Q: How long does it take to change my food expectations and see results?
A: In Crum’s milkshake study published in “The Expectation Effect,” ghrelin responses changed immediately based on labeling. Your hormonal response shifts in real-time based on current expectations. However, changing deeply ingrained beliefs about healthy eating being inherently unsatisfying takes conscious practice over weeks or months. Start by reframing how you describe your next meal.
Q: What if I genuinely don’t enjoy healthy foods?
A: According to Robson’s research, part of your dissatisfaction likely stems from expectations, not taste. When researchers had people eat vegetables described with indulgent language (“zesty ginger-turmeric sweet potatoes”), consumption increased 29% and people enjoyed them more. Focus on preparation methods, seasonings, and descriptions that emphasize what foods are rather than what they lack. Many people discover they actually do enjoy nutritious foods once deprivation framing is removed.
Q: Can changing my mindset actually help me lose weight?

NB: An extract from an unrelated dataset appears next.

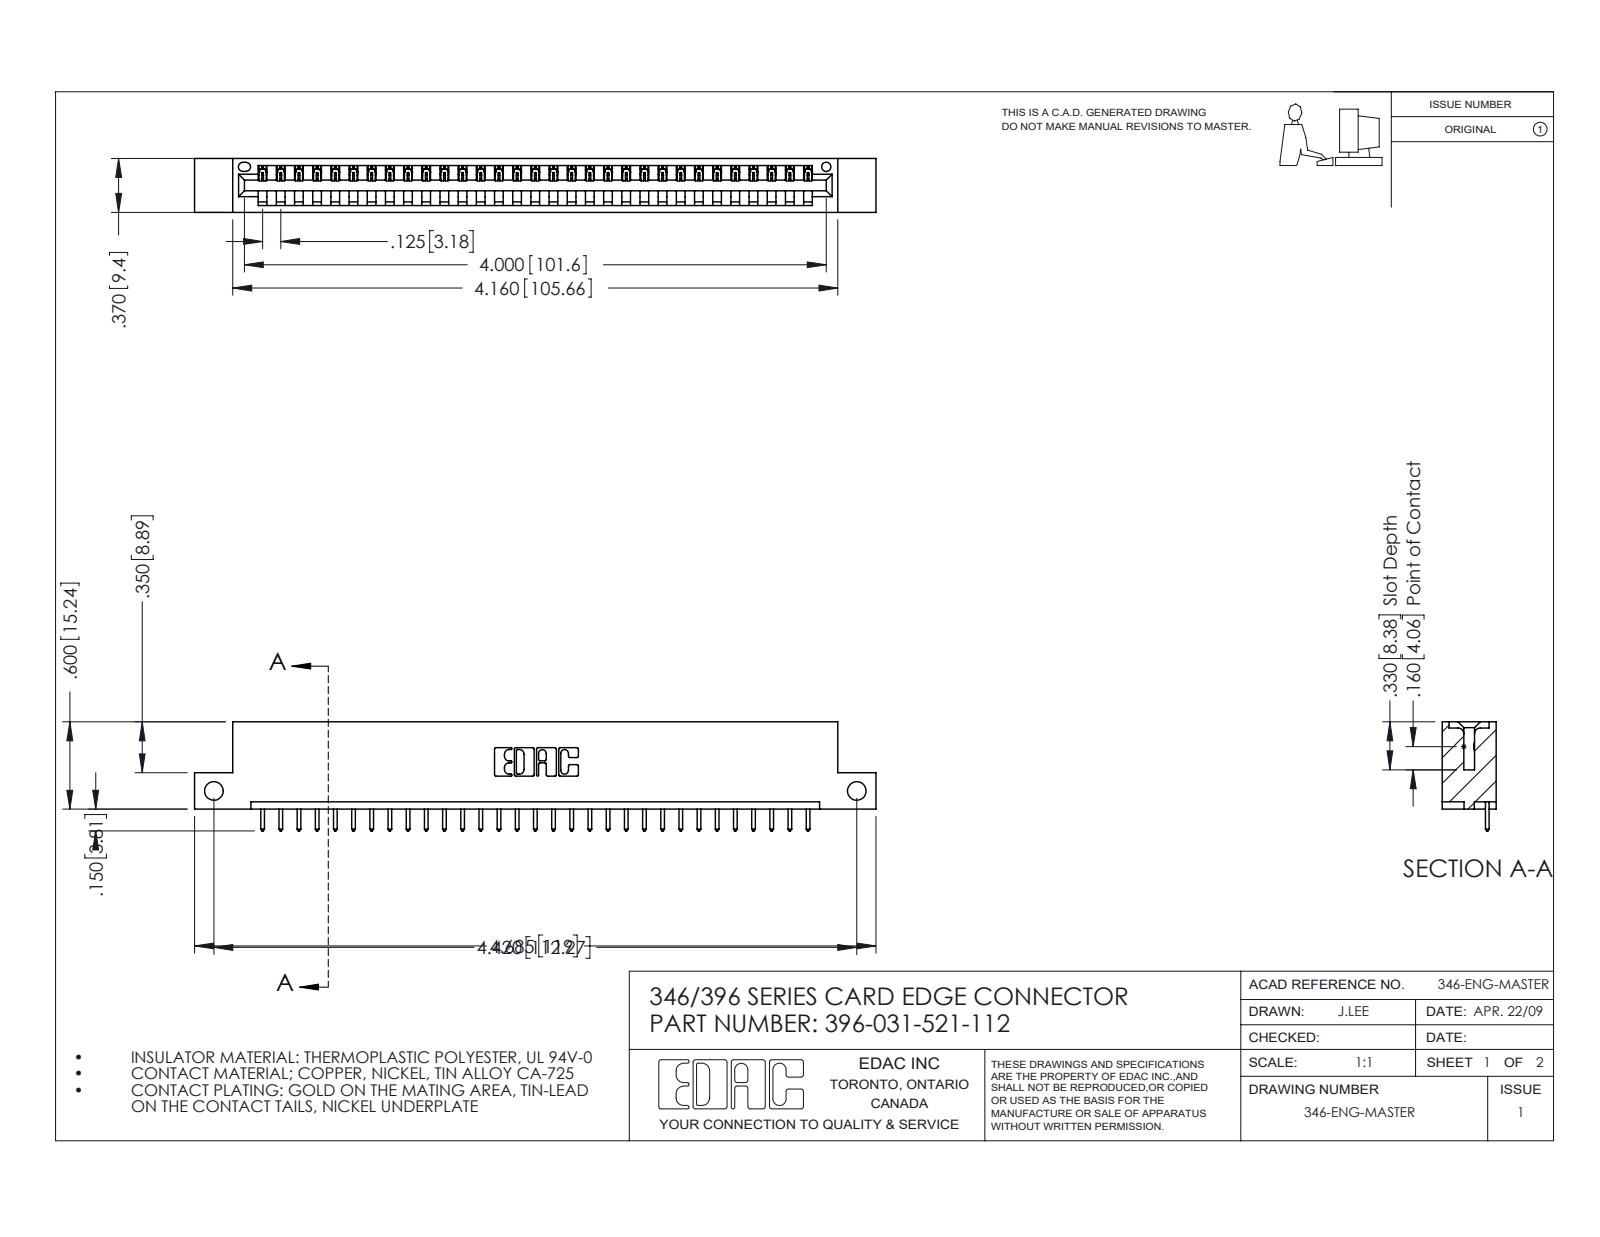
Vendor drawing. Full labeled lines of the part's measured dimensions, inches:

A: Robson’s findings in “The Expectation Effect” suggest that shifting from a deprivation mindset to a satisfaction mindset can improve your ghrelin response, metabolism, and subsequent hunger levels—all factors that affect weight management. However, this isn’t a magic solution. It’s one important piece of the puzzle that makes sustainable healthy eating easier by aligning your physiology with your goals instead of working against you.
Q: Is this the same as positive thinking or manifestation?
A: No. This isn’t about vague positivity or “believing” yourself thin. Robson documents specific, measurable physiological changes (ghrelin levels, metabolic rate, gut motility, brain activity) triggered by concrete expectations about food. It’s about understanding that your brain’s predictive processing system uses expectations to regulate bodily functions—and learning to provide accurate, satisfaction-focused expectations rather than deprivation-focused ones.